Data extracted from a collection —
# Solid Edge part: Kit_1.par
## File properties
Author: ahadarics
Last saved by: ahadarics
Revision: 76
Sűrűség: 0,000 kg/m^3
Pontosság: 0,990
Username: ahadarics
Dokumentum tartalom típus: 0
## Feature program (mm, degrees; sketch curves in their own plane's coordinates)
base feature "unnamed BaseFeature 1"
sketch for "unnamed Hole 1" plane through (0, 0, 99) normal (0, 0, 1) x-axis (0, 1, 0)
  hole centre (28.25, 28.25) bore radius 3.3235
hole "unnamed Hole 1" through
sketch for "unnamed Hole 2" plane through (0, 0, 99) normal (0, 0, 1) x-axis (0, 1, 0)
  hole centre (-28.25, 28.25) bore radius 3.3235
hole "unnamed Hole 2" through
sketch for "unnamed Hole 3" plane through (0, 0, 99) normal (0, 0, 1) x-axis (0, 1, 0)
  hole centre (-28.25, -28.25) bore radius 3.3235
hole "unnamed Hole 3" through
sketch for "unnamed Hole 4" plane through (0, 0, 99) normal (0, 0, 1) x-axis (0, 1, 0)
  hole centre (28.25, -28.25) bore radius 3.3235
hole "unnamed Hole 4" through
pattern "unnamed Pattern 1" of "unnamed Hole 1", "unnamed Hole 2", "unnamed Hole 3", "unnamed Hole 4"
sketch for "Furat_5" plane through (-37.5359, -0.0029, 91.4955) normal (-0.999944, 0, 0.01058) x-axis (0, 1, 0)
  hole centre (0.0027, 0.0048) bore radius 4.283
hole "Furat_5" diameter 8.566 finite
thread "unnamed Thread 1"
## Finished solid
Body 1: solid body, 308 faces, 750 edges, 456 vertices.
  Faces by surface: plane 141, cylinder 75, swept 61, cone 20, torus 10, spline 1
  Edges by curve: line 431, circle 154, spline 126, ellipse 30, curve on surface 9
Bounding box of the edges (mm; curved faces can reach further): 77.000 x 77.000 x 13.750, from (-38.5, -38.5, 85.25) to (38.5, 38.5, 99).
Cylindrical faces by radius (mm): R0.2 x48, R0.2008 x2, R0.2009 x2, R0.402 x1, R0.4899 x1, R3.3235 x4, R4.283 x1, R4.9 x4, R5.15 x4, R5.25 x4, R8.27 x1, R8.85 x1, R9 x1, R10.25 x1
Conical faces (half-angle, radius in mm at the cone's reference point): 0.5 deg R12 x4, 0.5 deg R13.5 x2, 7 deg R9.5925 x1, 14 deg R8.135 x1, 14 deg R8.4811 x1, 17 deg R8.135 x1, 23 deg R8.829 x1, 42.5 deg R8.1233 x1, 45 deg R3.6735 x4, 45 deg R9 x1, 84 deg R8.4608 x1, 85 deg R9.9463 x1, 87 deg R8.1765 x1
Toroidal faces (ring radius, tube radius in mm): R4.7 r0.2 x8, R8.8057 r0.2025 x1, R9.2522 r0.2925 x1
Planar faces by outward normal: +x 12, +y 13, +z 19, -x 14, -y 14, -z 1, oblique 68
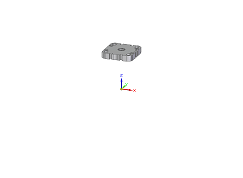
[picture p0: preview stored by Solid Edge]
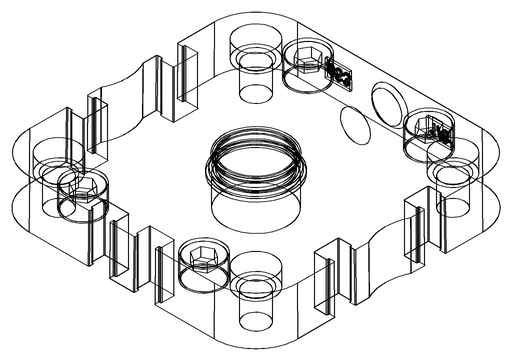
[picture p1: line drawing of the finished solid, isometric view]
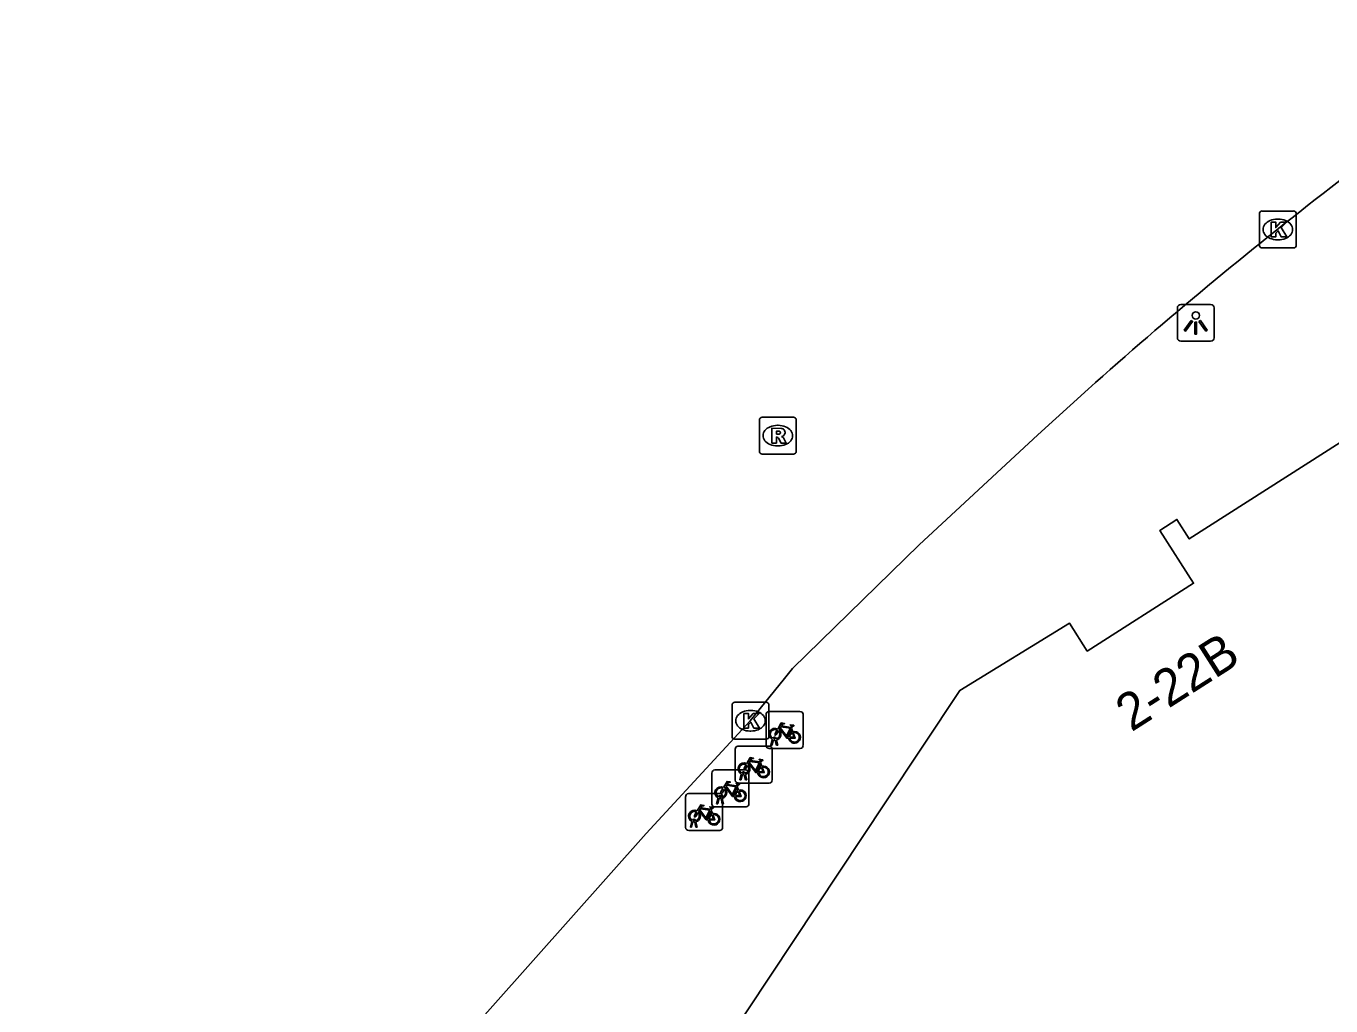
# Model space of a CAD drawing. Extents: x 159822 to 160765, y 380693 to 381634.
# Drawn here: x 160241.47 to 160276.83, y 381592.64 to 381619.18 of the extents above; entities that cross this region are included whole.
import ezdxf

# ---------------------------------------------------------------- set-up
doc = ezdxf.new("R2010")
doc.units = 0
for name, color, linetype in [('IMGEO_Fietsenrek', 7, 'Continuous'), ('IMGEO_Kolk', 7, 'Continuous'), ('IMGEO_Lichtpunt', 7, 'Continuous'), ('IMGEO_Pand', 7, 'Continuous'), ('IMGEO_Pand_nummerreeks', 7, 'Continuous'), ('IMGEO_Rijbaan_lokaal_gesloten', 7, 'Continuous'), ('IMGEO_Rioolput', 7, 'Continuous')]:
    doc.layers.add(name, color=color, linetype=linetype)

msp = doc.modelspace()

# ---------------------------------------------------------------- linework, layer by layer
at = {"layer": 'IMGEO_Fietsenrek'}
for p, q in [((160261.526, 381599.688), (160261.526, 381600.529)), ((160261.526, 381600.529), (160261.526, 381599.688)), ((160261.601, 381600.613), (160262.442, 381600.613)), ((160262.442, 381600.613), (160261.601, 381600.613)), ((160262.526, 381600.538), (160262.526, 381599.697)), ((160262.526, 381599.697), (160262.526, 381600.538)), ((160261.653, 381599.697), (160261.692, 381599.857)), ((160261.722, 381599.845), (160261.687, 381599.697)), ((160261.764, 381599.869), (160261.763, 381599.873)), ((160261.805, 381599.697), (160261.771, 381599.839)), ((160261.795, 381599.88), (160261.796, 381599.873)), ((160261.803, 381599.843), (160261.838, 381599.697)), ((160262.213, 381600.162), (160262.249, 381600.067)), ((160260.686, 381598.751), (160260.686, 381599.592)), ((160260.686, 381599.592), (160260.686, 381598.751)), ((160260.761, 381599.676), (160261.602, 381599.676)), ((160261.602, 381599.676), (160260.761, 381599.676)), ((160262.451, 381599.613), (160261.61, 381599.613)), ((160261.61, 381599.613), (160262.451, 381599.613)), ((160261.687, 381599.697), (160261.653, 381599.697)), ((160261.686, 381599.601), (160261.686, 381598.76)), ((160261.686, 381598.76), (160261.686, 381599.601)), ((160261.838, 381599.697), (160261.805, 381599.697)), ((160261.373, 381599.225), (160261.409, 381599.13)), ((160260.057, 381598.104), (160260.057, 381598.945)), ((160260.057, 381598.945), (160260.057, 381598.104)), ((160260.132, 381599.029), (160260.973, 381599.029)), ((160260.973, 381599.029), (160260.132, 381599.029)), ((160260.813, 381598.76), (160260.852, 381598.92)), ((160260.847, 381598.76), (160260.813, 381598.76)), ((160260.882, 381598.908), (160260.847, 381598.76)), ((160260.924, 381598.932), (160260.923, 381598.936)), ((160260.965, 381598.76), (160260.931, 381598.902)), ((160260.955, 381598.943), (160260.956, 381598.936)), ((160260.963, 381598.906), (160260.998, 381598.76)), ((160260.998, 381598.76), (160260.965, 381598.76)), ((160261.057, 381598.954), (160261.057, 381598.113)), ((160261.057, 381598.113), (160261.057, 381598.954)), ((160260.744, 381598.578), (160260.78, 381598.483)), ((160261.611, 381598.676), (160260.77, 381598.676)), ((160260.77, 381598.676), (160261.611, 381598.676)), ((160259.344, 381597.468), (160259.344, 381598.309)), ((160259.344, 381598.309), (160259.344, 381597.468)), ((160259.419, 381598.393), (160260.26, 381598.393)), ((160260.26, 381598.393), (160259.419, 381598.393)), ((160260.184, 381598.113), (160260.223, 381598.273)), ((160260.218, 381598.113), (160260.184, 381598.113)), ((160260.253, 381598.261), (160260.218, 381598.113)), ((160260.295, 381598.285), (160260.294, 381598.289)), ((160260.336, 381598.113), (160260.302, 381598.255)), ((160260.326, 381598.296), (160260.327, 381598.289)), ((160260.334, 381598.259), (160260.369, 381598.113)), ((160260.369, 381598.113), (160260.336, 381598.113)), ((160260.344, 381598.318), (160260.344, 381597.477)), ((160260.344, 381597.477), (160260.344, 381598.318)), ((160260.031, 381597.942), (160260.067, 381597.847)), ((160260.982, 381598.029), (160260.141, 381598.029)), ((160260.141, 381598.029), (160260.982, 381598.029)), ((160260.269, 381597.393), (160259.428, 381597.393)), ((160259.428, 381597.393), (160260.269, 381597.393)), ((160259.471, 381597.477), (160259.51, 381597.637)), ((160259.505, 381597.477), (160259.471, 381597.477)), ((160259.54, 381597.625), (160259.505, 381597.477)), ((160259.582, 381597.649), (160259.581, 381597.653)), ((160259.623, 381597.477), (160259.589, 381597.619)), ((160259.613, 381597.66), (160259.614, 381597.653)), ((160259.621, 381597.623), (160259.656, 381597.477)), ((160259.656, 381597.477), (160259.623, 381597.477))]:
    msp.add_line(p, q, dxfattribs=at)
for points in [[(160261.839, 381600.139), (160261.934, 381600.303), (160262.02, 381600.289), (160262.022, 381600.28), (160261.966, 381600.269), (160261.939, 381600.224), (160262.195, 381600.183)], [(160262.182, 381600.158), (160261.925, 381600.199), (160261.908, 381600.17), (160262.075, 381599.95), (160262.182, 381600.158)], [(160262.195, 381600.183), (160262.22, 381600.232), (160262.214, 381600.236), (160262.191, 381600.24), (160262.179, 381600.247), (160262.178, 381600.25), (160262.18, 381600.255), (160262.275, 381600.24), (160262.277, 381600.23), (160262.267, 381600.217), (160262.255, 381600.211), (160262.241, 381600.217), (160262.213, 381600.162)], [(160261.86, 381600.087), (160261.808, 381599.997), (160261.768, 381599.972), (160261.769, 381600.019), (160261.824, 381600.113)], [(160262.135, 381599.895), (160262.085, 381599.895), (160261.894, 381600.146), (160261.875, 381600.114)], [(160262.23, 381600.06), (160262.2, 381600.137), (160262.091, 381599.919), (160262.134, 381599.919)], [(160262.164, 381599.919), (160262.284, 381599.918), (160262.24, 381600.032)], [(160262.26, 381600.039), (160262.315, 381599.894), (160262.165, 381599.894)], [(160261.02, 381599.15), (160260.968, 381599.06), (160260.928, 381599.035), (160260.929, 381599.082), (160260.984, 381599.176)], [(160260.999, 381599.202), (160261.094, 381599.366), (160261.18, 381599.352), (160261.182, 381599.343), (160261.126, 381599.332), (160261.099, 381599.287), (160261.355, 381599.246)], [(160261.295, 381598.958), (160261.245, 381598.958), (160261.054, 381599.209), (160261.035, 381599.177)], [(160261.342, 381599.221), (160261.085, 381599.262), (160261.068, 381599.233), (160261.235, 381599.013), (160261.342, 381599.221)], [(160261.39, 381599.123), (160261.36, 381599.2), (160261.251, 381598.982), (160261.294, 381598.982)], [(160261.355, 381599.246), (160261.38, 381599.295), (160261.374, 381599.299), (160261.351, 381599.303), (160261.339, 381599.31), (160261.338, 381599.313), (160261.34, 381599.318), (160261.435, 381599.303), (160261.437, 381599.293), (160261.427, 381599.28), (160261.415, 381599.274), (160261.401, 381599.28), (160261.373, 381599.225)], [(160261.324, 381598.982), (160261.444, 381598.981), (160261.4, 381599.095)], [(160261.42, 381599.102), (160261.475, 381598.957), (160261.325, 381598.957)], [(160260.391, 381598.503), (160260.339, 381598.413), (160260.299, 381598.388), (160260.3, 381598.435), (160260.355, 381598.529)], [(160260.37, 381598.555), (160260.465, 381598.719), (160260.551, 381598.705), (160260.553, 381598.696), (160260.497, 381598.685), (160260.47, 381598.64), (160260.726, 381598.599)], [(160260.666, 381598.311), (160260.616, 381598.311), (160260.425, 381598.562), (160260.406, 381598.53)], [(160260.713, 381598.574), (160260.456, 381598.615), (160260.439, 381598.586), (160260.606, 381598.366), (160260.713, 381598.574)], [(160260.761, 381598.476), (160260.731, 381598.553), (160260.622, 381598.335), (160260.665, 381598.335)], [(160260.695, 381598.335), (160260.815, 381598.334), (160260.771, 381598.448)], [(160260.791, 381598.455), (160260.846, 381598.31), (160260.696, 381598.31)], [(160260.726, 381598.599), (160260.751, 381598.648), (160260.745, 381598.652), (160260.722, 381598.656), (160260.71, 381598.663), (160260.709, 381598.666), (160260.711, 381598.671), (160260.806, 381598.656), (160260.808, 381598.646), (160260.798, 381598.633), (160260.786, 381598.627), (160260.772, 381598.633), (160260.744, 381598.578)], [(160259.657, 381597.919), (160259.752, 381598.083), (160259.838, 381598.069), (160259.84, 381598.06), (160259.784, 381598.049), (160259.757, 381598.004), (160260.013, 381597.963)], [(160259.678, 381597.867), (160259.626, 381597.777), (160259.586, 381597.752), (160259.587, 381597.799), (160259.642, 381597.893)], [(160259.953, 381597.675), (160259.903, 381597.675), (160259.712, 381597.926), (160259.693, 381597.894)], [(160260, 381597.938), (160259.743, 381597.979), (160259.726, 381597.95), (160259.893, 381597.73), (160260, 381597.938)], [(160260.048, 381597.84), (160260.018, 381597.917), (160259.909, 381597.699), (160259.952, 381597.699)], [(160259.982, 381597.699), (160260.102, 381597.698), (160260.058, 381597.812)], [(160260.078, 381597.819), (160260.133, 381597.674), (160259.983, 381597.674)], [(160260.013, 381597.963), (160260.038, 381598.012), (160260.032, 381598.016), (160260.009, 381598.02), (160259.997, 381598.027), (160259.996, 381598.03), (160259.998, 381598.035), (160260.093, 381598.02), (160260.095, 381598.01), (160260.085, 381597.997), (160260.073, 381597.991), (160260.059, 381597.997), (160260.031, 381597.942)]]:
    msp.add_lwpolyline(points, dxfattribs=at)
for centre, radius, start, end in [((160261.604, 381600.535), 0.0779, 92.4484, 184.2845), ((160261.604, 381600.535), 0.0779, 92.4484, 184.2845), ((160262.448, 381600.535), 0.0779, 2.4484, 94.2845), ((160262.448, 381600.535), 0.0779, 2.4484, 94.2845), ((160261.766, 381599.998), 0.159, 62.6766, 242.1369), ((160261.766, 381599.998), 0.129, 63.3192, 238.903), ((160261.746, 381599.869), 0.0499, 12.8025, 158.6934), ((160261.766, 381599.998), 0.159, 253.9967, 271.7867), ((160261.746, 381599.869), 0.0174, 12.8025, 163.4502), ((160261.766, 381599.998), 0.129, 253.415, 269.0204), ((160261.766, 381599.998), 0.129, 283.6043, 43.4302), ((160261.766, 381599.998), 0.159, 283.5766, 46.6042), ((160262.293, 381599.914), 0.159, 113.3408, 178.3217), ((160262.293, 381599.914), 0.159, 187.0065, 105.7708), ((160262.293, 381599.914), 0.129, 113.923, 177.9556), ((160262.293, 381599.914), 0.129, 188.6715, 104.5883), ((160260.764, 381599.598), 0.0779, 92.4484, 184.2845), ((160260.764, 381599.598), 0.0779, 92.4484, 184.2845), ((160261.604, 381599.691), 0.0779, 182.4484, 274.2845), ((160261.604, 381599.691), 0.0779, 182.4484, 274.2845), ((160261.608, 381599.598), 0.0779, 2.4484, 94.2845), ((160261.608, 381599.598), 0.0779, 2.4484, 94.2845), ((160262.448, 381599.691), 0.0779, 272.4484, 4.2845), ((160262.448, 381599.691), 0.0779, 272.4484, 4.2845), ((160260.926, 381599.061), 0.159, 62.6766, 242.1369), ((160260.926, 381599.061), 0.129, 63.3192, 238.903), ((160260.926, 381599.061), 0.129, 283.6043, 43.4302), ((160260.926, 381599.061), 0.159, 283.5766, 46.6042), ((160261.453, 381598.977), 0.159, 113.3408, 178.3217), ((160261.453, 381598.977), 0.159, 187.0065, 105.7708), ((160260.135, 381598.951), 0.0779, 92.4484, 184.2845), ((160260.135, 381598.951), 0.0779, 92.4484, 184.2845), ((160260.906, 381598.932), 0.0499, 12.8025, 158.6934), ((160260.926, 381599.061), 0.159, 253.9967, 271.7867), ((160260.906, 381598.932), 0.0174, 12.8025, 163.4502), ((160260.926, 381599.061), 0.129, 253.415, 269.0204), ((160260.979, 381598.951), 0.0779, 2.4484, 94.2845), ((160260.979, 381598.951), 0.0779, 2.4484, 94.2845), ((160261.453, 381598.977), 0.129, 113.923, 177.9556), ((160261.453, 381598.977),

DIRECTIONS — Where a line of the records contains the word "cone", count it; state only the final tally.

TASK SOLUTION — 2